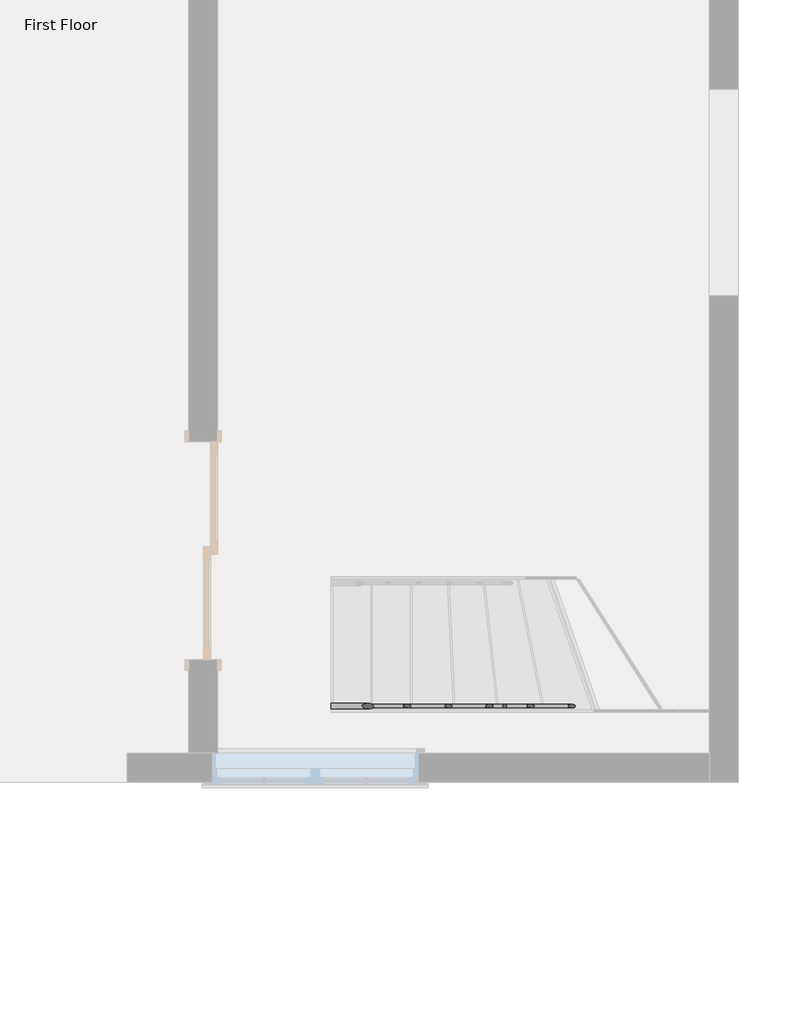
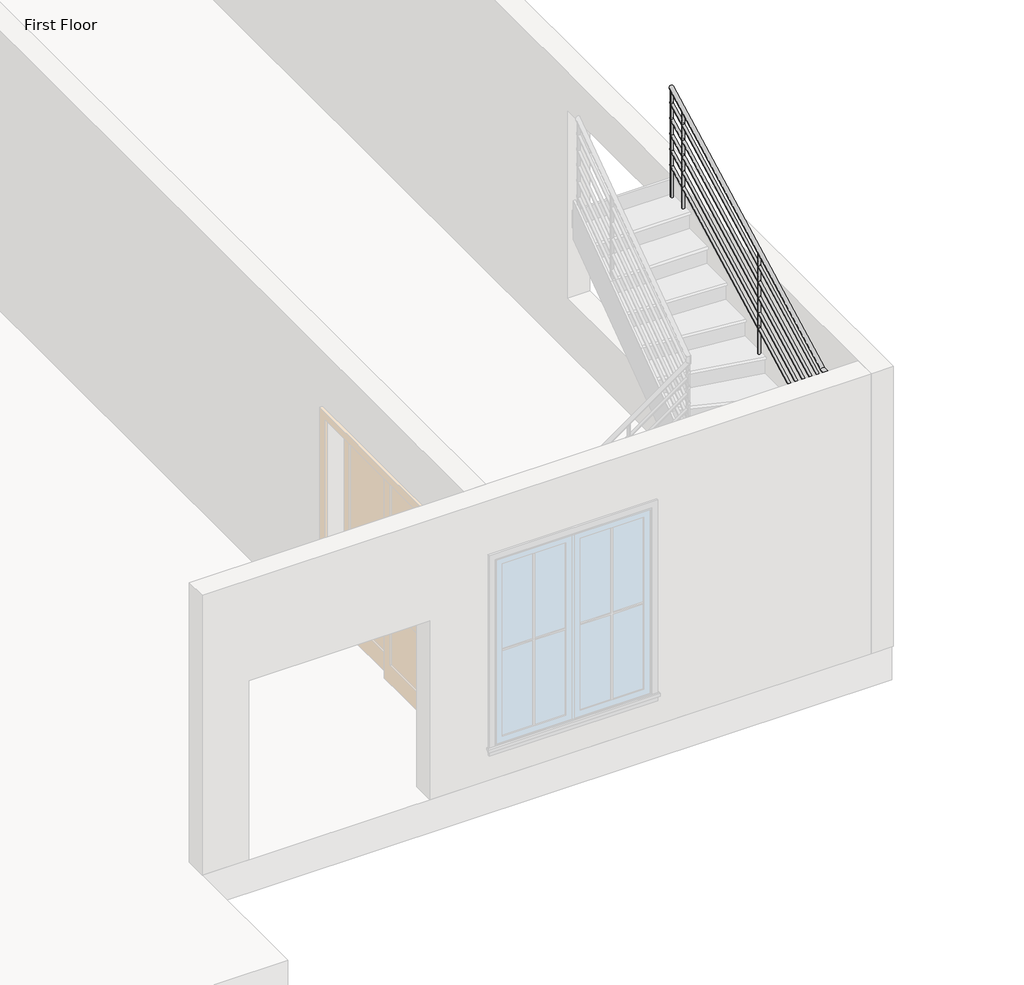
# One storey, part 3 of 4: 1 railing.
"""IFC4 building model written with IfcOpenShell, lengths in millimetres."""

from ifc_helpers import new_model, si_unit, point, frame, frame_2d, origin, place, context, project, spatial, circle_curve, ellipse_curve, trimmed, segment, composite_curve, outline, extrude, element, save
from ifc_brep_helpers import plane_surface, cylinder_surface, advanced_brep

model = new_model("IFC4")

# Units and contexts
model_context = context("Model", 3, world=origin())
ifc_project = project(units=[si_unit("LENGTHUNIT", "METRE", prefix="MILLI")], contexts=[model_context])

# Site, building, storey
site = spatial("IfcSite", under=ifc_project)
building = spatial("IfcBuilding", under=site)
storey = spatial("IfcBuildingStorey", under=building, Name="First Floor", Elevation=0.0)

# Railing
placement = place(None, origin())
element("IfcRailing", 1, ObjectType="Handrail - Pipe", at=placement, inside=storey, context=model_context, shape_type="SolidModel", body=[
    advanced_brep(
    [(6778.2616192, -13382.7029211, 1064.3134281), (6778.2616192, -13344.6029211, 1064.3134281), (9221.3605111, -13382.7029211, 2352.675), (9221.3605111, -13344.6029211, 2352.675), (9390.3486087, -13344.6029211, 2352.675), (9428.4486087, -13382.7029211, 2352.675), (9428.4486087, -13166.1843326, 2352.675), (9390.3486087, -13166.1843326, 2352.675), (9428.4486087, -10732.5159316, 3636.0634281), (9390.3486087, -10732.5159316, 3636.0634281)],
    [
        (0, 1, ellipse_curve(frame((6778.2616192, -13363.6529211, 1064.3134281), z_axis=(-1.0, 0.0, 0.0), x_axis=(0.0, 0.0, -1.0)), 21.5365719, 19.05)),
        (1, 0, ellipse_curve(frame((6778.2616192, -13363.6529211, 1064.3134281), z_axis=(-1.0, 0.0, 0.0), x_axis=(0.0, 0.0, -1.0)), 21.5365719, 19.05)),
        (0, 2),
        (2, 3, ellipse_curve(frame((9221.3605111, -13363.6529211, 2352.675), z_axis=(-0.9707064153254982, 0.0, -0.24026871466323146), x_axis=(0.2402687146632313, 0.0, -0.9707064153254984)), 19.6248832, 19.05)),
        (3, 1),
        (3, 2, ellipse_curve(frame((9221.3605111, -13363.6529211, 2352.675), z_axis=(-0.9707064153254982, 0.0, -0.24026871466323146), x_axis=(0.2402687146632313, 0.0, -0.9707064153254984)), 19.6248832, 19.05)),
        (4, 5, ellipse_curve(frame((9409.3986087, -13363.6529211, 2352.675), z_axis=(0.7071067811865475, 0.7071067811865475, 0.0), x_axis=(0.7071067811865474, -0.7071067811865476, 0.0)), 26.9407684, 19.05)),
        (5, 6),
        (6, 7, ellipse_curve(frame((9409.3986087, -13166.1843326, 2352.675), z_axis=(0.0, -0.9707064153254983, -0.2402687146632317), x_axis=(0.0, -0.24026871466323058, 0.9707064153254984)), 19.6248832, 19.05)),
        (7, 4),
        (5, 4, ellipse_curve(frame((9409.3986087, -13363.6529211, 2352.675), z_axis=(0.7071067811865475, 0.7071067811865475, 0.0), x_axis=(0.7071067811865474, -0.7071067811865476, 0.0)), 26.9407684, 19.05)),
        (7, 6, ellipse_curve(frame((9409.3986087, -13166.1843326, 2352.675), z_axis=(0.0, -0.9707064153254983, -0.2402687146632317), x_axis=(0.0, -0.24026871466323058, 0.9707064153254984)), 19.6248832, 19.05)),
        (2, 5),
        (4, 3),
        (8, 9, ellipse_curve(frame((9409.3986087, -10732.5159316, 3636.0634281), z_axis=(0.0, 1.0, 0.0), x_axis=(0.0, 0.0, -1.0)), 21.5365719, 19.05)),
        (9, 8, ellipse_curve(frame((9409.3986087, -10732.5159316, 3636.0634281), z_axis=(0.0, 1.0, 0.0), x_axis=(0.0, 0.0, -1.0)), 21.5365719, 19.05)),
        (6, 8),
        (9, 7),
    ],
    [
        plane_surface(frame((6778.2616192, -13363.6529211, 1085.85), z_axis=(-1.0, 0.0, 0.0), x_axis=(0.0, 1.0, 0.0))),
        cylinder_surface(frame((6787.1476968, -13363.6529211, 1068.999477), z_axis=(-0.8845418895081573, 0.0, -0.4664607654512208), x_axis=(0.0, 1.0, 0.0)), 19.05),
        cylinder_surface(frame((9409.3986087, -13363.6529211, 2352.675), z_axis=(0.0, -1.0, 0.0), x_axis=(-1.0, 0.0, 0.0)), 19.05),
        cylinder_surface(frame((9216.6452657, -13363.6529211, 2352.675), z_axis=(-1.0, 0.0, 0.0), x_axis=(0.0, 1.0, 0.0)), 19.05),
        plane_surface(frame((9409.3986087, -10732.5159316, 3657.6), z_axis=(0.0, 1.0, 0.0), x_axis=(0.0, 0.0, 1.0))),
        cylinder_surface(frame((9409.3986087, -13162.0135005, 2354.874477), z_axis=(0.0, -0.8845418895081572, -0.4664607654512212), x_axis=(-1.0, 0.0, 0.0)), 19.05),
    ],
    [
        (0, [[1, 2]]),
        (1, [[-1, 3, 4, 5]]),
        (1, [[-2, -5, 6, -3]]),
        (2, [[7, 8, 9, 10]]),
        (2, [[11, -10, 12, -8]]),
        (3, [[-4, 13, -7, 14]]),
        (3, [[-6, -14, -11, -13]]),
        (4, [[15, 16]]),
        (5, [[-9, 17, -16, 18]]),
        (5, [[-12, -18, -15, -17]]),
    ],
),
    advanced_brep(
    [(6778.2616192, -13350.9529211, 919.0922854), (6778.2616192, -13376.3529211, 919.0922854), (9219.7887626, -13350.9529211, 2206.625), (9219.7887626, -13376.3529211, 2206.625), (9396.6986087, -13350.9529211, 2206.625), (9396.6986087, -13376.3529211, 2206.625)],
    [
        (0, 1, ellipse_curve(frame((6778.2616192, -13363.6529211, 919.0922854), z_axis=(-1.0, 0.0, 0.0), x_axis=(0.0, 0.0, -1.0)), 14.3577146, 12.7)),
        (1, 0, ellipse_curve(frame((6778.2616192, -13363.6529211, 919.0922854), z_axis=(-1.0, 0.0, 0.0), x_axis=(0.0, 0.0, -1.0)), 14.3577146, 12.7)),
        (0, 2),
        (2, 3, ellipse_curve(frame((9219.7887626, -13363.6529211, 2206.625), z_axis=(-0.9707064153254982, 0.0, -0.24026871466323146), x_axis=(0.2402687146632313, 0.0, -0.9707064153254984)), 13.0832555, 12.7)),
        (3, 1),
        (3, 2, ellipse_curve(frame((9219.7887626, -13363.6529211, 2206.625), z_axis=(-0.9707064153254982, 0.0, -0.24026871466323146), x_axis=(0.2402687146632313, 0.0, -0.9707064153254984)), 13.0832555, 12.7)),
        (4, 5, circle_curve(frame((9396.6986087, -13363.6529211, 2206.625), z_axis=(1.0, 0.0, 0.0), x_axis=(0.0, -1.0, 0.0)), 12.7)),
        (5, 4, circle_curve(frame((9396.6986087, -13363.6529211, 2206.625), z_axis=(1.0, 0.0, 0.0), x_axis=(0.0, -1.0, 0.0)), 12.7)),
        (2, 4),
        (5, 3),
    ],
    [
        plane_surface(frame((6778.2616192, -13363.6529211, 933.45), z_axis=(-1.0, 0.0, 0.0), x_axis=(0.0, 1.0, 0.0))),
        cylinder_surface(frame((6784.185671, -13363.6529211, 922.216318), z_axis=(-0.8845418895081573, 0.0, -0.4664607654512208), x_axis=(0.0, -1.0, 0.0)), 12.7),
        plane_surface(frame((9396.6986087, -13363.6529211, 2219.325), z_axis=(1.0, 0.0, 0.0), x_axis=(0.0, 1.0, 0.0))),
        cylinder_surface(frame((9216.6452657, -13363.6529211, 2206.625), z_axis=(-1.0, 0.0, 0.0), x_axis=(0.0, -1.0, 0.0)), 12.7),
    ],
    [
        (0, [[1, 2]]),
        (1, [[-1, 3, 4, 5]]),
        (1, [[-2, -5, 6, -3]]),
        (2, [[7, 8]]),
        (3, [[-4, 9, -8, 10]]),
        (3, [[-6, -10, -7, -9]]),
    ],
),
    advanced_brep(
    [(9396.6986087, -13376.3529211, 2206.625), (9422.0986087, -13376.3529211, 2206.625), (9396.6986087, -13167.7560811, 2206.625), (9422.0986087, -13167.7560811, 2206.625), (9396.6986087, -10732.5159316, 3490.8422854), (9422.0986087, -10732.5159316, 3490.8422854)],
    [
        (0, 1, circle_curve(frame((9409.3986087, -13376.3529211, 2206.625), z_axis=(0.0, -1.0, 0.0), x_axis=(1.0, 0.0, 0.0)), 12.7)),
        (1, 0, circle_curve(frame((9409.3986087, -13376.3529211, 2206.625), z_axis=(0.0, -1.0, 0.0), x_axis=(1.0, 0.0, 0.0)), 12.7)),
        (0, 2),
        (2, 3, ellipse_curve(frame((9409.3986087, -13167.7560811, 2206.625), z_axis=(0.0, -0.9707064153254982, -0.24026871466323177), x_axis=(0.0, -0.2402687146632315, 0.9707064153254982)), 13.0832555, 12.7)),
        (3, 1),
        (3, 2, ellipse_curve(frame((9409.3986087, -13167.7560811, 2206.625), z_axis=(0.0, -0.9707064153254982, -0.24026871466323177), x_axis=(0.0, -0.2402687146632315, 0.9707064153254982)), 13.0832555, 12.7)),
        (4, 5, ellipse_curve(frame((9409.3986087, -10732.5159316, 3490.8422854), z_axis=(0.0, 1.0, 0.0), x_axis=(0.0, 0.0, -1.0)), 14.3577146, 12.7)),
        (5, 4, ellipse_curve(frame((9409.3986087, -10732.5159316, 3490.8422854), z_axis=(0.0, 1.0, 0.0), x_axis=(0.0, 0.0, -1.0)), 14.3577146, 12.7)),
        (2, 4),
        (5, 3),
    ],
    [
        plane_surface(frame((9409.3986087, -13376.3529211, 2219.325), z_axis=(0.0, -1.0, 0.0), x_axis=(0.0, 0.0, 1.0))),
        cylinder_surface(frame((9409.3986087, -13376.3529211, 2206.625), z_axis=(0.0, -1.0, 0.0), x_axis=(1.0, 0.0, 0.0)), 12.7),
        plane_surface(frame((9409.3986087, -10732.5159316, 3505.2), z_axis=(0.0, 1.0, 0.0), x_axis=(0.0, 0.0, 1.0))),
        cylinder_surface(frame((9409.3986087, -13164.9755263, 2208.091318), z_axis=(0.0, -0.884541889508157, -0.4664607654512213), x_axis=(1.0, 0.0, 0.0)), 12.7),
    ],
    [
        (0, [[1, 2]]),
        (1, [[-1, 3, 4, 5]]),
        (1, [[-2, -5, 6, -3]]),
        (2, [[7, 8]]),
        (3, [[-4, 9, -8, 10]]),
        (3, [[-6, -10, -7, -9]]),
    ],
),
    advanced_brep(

○ ○ ○ ○ ○

**Task prompt:** Only lines containing "element" belong in the answer; copy every such line from the records.

**Finished task:**
from ifc_helpers import new_model, si_unit, point, frame, frame_2d, origin, place, context, project, spatial, circle_curve, ellipse_curve, trimmed, segment, composite_curve, outline, extrude, element, save
element("IfcRailing", 1, ObjectType="Handrail - Pipe", at=placement, inside=storey, context=model_context, shape_type="SolidModel", body=[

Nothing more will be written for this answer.